In the Catholic Church, if a person was previously married, they need to have an annulment to marry in the Church. This is a time coonsuming process that can take anywhere from 6 months to a year. I believe the Eastern Orthodox Church allows remarriage without annullment, but there is a period of contrition for the sin of breaking vows or something like that, and then a toned down version of the ceremony. 

However they do it, converting takes time! Arranging pre marital counseling, the religious ed classes, etc. If you want to marry this decade, best get started.

And, please, take my advice about the ring. Smaller stone and low profile setting. If your fiancee hasn't worn a large ring day to day before, she has no idea how many times it will catch and snag and even scratch skin during her day. At least get a cheap WalMart ring of similar size and setting for her to wear for a day or two to see how well the size works for her. Because, really, a large ring in an ornate setting is beautiful in theory, but almost impossible to live with day in and day out unless the wearer is a woman of leisure or does a job that doesn't require a lot of hand use.


----------



## TheTruthHurts (Oct 1, 2015)

Personally I think you should go into debt and get the ring you want. I think the diamond I bought my W in 1988 was 10-12k and 1.13 CT but good quality. It was about 50% of my annual income.

Really glad I did that - she never made any demands but it's what I wanted. It paid dividends for years - you do realize women can't help but look and comment on rings.

It will make you both happy.

I only stipulate that you have the financial talk - say you are going into debt because this is really important to you, but in the future it'll be a 50-50 relationship but probably an 80-20 financial relationship. You both have to accept and embrace that. It also means the marriage inherits the debt - so she will be making a big part of the contributions to pay this debt off. BUT - you both HAVE to be ok with that because that's EXACTLY what you're signing up for.


----------



## TheTruthHurts (Oct 1, 2015)

That's why I think this is the perfect way to start your marriage. You will have to come to terms with the fact that the good "things" in your life will be funded by W. She is probably very happy to provide that to the marriage. She gets a great H and a guy that will be good for her kids. That stuff is priceless!


----------



## TheTruthHurts (Oct 1, 2015)

I was married in a Catholic Church - my W had a priest and I had a minister - so everyone knew we were not both going to be Catholic.
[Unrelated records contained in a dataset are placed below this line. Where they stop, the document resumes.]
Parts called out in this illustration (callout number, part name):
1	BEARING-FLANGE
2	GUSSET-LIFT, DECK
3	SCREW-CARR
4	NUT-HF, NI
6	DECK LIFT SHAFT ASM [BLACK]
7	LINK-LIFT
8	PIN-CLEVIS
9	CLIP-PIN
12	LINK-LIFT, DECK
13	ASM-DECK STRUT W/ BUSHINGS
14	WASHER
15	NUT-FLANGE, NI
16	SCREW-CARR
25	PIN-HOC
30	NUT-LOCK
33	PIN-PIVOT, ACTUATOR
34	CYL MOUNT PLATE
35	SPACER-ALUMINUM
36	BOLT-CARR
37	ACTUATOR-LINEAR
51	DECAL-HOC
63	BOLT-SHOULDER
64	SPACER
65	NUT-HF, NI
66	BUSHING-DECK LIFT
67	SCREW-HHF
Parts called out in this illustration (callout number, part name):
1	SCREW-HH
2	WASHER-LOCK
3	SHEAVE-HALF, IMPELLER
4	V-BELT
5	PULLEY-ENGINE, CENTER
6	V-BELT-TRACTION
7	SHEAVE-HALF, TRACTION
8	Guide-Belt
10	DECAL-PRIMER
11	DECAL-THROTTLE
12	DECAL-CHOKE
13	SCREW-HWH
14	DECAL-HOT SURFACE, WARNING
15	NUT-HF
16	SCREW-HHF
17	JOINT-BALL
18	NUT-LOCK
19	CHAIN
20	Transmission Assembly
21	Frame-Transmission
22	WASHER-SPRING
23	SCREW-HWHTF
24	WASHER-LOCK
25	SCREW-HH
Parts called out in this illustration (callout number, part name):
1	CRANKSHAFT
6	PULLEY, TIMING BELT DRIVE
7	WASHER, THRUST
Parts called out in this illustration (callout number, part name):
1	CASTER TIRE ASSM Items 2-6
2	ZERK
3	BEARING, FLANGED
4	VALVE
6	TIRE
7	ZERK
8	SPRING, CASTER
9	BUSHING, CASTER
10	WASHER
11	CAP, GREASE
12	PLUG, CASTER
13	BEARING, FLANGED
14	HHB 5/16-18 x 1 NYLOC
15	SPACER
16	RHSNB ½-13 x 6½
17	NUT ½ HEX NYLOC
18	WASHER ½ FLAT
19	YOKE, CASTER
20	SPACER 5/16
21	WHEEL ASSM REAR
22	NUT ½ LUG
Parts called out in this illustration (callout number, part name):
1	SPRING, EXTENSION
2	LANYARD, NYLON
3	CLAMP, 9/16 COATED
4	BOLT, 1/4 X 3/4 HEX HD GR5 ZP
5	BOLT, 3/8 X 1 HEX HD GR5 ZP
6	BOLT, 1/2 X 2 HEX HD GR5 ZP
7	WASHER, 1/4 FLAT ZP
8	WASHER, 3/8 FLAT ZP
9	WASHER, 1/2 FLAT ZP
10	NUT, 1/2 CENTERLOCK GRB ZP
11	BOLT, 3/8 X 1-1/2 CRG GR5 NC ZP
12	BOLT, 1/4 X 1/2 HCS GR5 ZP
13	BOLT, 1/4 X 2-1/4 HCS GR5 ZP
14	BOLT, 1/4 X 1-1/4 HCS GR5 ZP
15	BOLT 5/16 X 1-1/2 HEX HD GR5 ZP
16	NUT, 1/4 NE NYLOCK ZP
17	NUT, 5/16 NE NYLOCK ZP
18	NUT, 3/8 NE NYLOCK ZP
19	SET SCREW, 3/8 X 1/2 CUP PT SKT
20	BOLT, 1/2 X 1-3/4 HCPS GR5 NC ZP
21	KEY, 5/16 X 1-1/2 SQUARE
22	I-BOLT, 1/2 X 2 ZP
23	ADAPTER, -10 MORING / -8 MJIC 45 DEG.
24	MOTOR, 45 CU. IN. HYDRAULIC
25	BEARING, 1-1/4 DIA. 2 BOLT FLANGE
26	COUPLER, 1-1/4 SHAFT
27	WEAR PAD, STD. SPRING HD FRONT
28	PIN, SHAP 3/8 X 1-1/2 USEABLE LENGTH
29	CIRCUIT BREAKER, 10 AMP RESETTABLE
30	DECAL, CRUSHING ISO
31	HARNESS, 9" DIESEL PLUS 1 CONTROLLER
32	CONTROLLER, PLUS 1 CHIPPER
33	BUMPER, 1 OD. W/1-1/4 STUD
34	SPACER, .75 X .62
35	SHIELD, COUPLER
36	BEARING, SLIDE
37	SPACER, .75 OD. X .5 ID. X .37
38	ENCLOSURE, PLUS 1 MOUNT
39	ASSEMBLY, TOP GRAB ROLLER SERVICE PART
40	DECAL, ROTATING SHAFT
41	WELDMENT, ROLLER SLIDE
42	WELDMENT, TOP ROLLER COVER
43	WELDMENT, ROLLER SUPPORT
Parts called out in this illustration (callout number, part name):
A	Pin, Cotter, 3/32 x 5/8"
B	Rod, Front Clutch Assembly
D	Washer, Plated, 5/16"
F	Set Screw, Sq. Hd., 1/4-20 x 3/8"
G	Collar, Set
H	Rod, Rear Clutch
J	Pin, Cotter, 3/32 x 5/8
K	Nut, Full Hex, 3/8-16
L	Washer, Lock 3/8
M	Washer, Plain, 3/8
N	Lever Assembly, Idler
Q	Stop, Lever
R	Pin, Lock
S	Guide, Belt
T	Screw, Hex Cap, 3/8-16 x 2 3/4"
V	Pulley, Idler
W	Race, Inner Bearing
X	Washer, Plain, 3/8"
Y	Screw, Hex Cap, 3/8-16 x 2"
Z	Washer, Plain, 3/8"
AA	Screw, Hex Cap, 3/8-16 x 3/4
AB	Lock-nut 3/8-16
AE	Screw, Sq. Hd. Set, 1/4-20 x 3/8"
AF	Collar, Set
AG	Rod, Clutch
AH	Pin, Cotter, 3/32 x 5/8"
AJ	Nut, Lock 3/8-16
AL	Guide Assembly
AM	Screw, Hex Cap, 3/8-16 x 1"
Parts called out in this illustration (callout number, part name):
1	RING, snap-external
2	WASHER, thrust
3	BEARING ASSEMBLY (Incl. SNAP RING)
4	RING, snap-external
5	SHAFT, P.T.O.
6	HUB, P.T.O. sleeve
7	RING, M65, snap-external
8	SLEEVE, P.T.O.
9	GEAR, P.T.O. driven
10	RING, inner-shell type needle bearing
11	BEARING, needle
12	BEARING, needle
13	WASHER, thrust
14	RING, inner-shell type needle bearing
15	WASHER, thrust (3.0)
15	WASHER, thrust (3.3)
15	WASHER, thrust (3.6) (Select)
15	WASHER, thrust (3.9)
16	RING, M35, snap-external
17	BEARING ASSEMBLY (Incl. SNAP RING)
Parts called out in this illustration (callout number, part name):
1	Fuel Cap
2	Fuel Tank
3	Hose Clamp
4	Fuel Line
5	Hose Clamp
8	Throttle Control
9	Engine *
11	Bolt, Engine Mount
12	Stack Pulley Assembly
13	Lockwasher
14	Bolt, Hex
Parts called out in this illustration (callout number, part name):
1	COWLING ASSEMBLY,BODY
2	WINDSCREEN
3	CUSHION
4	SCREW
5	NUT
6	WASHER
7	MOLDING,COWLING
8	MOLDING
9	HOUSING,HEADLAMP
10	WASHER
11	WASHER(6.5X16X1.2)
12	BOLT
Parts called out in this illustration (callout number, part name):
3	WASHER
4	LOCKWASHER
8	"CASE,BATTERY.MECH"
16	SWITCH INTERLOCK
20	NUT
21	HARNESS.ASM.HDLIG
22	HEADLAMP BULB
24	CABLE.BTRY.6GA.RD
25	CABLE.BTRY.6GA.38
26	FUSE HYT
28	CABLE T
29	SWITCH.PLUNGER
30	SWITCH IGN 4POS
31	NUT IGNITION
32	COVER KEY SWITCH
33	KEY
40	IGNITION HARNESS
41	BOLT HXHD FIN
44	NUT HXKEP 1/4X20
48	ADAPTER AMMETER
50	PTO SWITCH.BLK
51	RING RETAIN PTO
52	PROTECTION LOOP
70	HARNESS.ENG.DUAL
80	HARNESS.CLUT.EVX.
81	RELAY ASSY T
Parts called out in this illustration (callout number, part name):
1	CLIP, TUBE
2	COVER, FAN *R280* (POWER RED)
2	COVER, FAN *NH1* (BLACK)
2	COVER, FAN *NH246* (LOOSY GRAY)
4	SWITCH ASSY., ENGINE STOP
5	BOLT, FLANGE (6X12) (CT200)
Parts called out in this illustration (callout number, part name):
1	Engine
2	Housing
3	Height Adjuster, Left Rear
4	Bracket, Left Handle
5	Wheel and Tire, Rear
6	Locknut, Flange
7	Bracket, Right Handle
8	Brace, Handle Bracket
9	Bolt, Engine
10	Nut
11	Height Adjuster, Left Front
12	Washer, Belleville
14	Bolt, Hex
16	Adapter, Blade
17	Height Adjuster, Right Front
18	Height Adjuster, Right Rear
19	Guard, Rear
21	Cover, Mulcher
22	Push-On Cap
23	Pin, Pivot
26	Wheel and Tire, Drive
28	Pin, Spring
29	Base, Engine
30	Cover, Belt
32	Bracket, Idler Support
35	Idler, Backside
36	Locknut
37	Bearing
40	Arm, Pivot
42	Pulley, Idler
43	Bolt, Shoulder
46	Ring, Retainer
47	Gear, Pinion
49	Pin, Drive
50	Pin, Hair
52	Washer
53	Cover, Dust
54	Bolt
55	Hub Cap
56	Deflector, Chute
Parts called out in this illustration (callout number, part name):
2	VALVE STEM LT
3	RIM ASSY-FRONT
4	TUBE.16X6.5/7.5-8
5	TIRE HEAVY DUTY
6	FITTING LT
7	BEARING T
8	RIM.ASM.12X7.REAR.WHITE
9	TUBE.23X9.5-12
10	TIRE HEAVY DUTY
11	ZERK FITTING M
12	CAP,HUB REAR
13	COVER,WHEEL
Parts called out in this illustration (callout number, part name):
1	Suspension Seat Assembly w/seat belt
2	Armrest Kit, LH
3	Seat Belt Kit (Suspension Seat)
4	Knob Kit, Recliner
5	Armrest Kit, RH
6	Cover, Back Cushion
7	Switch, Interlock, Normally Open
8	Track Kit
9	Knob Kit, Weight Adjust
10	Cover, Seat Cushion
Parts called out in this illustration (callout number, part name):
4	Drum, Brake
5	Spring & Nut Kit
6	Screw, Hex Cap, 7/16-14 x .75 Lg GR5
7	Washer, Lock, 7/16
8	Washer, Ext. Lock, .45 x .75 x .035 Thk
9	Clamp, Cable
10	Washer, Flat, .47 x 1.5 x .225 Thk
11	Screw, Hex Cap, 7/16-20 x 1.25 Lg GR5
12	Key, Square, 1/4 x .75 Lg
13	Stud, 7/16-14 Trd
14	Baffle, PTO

It wasn't a problem - I think the priest got a dispensation.

If my W WANTED me to convert that would be different - I'd have to understand why - but she didn't care and we both feel like Christians so it was never s problem for us.


----------



## MJJEAN (Jun 26, 2015)

Ynot said:


> Yes, actually. I would keep dating her for a while. What is the rush? If you are afraid she will get away? Well, you never had her to begin with then.
> The ring, the wedding? WTH for? You are both adults with children. These are things that 18 year olds with no clue about life get excited about. They mean NOTHING, as you should very well know from your own life's experiences.
> She may be the greatest thing since sliced bread! If so great! Congrats! But no need to jump into a legal entanglement, especially with all of the unanswered questions you have brought up.
> And I agree with the other poster who said having a child together to "bond" is a horrible idea. If you want to have a child together because you already love one another, again Great! Go for it! But don't do it to "bond" That isn't fair to you, her, your children her children or the new baby.


He's said she's Orhodox. If she's one of the faithful, and not just culturally Orthodox, marriage is a spiritually very important to her.


----------



## MJJEAN (Jun 26, 2015)

TheTruthHurts said:


> I was married in a Catholic Church - my W had a priest and I had a minister - so everyone knew we were not both going to be Catholic. It wasn't a problem - I think the priest got a dispensation.
> 
> If my W WANTED me to convert that would be different - I'd have to understand why - but she didn't care and we both feel like Christians so it was never s problem for us.


I'm not as up to speed with the Orthodox Church as I am with the Roman Church, but I believe it's actually very difficult and takes some time for them to get dispensation to marry someone not of their faith.


----------



## Evinrude58 (Jun 16, 2014)

Yes, it takes a year to join the Orthodox Church, which I'm thinking of. Catechism classes and such.
It's quite different, but I like that they don't go for all the modern craziness. It's the relatively the same as when the church was started. She hasn't mentioned that we'd have to wait the year.
_Posted via Mobile Device_


----------



## Ynot (Aug 26, 2014)

MJJEAN said:


> He's said she's Orhodox. If she's one of the faithful, and not just culturally Orthodox, marriage is a spiritually very important to her.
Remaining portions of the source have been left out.